═════ DATASET RECORDS

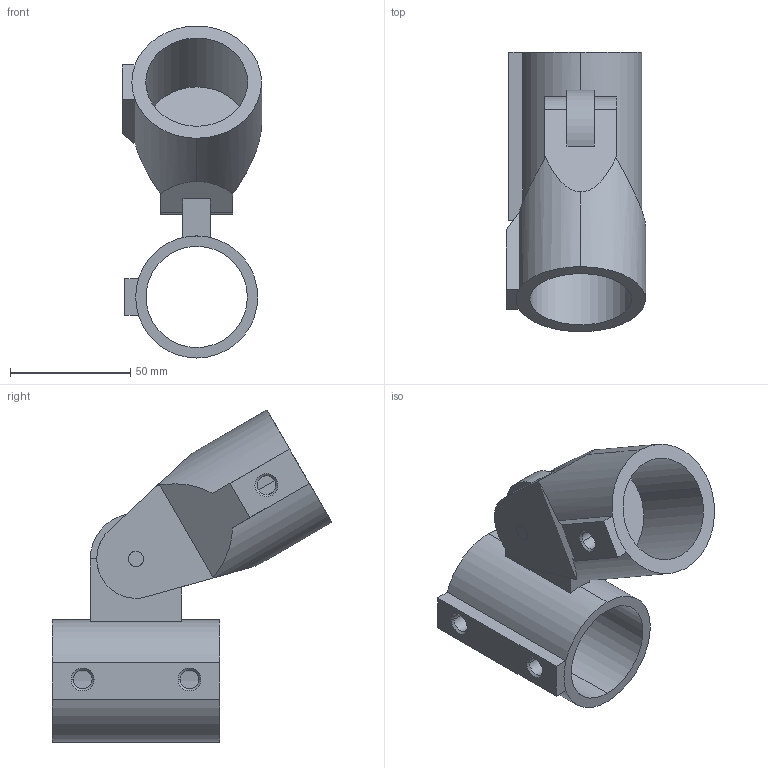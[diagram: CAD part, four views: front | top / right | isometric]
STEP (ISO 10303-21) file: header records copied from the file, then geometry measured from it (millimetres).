
FILE_DESCRIPTION(/* description */ ('VariCAD 2010-3.03 AP-214'),/* implementation_level */ '2;1');
FILE_NAME(/* name */ '0353-80-01',/* time_stamp */ '2011-06-29T16:02:22-06:00',/* author */ (''),/* organization */ (''),/* preprocessor_version */ 'ST-DEVELOPER v12',/* originating_system */ 'VariCAD 2010-3.03; kernel version (20100102)',/* authorisation */ '');
FILE_SCHEMA (('AUTOMOTIVE_DESIGN'));
Length unit declared in the file: millimetre
Products named in the file (1): Part
Bounding box: 57.91 x 116.4 x 138.19 mm (x, y, z)
Volume: 155959 mm3; surface area: 49549.1 mm2
Topology: 4 solids, 4 shells, 78 faces, 201 edges, 127 vertices
Faces by surface type: cylinder 37, plane 35, cone 6
Entity records: 3382 total; most frequent: CARTESIAN_POINT 861, ORIENTED_EDGE 402, DIRECTION 397, EDGE_CURVE 201, AXIS2_PLACEMENT_3D 147, VERTEX_POINT 127, LINE 103, VECTOR 103

══════════

WORK INSTRUCTION ▸ Without the pictures, write out the listing exactly as it appears above.

EXERCISE SOLUTION ▸
[diagram: CAD part, four views: front | top / right | isometric]
STEP (ISO 10303-21) file: header records copied from the file, then geometry measured from it (millimetres).
FILE_DESCRIPTION(/* description */ ('VariCAD 2010-3.03 AP-214'),/* implementation_level */ '2;1');
FILE_NAME(/* name */ '0353-80-01',/* time_stamp */ '2011-06-29T16:02:22-06:00',/* author */ (''),/* organization */ (''),/* preprocessor_version */ 'ST-DEVELOPER v12',/* originating_system */ 'VariCAD 2010-3.03; kernel version (20100102)',/* authorisation */ '');
FILE_SCHEMA (('AUTOMOTIVE_DESIGN'));
Length unit declared in the file: millimetre
Products named in the file (1): Part
Bounding box: 57.91 x 116.4 x 138.19 mm (x, y, z)
Volume: 155959 mm3; surface area: 49549.1 mm2
Topology: 4 solids, 4 shells, 78 faces, 201 edges, 127 vertices
Faces by surface type: cylinder 37, plane 35, cone 6
Entity records: 3382 total; most frequent: CARTESIAN_POINT 861, ORIENTED_EDGE 402, DIRECTION 397, EDGE_CURVE 201, AXIS2_PLACEMENT_3D 147, VERTEX_POINT 127, LINE 103, VECTOR 103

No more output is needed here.